12. Consequently, a transfer of an undertaking, business or part of a business does not occur merely because its assets are disposed of. Instead it is necessary to consider, in a case such as the present, whether the business was disposed of as a going concern, as would be indicated, inter alia, by the fact that its operation was actually continued or resumed by the new employer, with the same or similar activities.

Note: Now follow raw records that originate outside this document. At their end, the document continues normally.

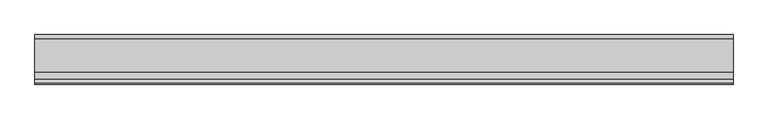
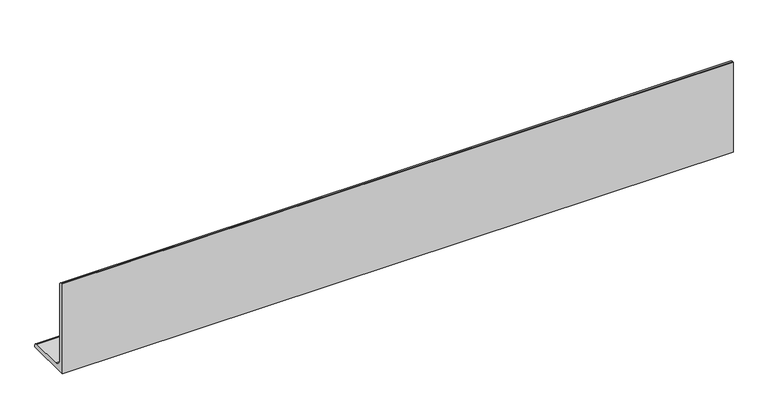
"""IFC4 building model written with IfcOpenShell, lengths in millimetres: beam geometry, NLRS_28_SF_LIB_stalen ligger hoekprofiel ongelijkzijdig-AV-MMBS-SRP_gen_rsf : stalen ligger ongelijzijdig hoekprofiel LUEQ_gen__200x100x10."""

from ifc_helpers import new_model, si_unit, point, frame, frame_2d, origin, place, context, project, spatial, polyline, circle_curve, trimmed, segment, composite_curve, outline, extrude, source, transform, mapped, element, save


def beam_7c957b24(model_context):
    return source(origin(), model_context, "Body", "SweptSolid", [
        extrude(outline(composite_curve([segment(polyline([(-20.13, -69.3), (-20.13, 130.7), (-17.63, 130.7)]), True, "CONTINUOUS"), segment(trimmed(circle_curve(frame_2d((-17.63, 123.2)), 7.5), [point((-17.63, 130.7))], [point((-10.13, 123.2))], False, "CARTESIAN"), True, "CONTINUOUS"), segment(polyline([(-10.13, 123.2), (-10.13, -44.3)]), True, "CONTINUOUS"), segment(trimmed(circle_curve(frame_2d((4.87, -44.3)), 15.0), [point((-10.13, -44.3))], [point((4.87, -59.3))], True, "CARTESIAN"), True, "CONTINUOUS"), segment(polyline([(4.87, -59.3), (72.37, -59.3)]), True, "CONTINUOUS"), segment(trimmed(circle_curve(frame_2d((72.37, -66.8)), 7.5), [point((72.37, -59.3))], [point((79.87, -66.8))], False, "CARTESIAN"), True, "CONTINUOUS"), segment(polyline([(79.87, -66.8), (79.87, -69.3), (-20.13, -69.3)]), True, "CONTINUOUS")], self_intersect=False)), frame((-710.0, 0.0, 0.0), z_axis=(1.0, 0.0, 0.0), x_axis=(0.0, 1.0, 0.0)), (0.0, 0.0, 1.0), 1407.2999994),
    ])


if __name__ == "__main__":
    model = new_model("IFC4")
    model_context = context("Model", 3, world=origin())
    ifc_project = project(units=[si_unit("LENGTHUNIT", "METRE", prefix="MILLI")], contexts=[model_context])
    site = spatial("IfcSite", under=ifc_project)
    building = spatial("IfcBuilding", under=site)
    placement = place(None, origin())
    beam_shape = beam_7c957b24(model_context)
    element("IfcBeam", 1, ObjectType="NLRS_28_SF_LIB_stalen ligger hoekprofiel ongelijkzijdig-AV-MMBS-SRP_gen_rsf : stalen ligger ongelijzijdig hoekprofiel LUEQ_gen__200x100x10", at=placement, inside=building, context=model_context, shape_type="MappedRepresentation", body=[
        mapped(beam_shape, transform((0.0, 0.0, 0.0), x_axis=(1.0, 0.0, 0.0), y_axis=(0.0, 1.0, 0.0), z_axis=(0.0, 0.0, 1.0))),
    ])
    save(model, "model.ifc")

# Revit data of these elements
# Type "NLRS_28_SF_LIB_stalen ligger hoekprofiel ongelijkzijdig-AV-MMBS-SRP_gen_rsf : stalen ligger ongelijzijdig hoekprofiel LUEQ_gen__200x100x10"
#   Type IfcGUID = "0dxhH9VHH5jh7XQ0uLfXuR"
#   IfcExportAs = "IfcBeamType"
#   Type Comments = "L200x100x10"
#   Model = " "
#   Manufacturer = " "
#   Fire Rating = " "
#   Description = "stalen ligger L200x100x10"
#   Assembly Code = "28.11"
#   vz = 130.7 mm
#   vy = 79.87 mm
#   tw = 10 mm
#   tf = 10 mm
#   ri = 7.5 mm
#   ra = 15 mm
#   d = 200 mm
#   bf = 100 mm
#   NLRS_C_lengte [instance default] = 1524 mm
#   Length [instance default] = 1524 mm
#   Structural Material = NLRS_h2_staal_gen_rsf
#   Keynote = ""
# Element 1 (IfcBeam, "NLRS_28_SF_LIB_stalen ligger hoekprofiel ongelijkzijdig-AV-MMBS-SRP_gen_rsf : stalen ligger ongelijzijdig hoekprofiel LUEQ_gen__200x100x10")
#   NLRS_C_lengte = 1420 mm
#   Materials on its faces: "NLRS_h2_staal_gen_rsf"
# Materials
#   "NLRS_h2_staal_gen_rsf": class "H - Metaal", colour RGB 189 187 185, transparency 0, Keynote = "h2", Manufacturer = "Revit Standards Foundation", URL = "www.revitstandards.org", Description = "staal", Cost = 0

13. In order to determine whether those conditions are met, it is necessary to consider all the facts characterising the transaction in question, including the type of undertaking or business, whether or not the business's tangible assets, such as buildings or moveable property, are transferred, the value of its intangible assets at the time of the transfer, whether or not the majority of its employees are taken over by the new employer, whether or not its customers are transferred and the degree of similarity between the activities carried on before and after the transfer and the period, if any, for which those activities were suspended. It should be noted, however, that all those circumstances are merely single factors in the overall assessment which must be made and cannot therefore be considered in isolation.
14. It is for the national court to make the necessary factual appraisal, in the light of the criteria for interpretation set out above, in order to establish whether or not there is a transfer in the sense indicated above."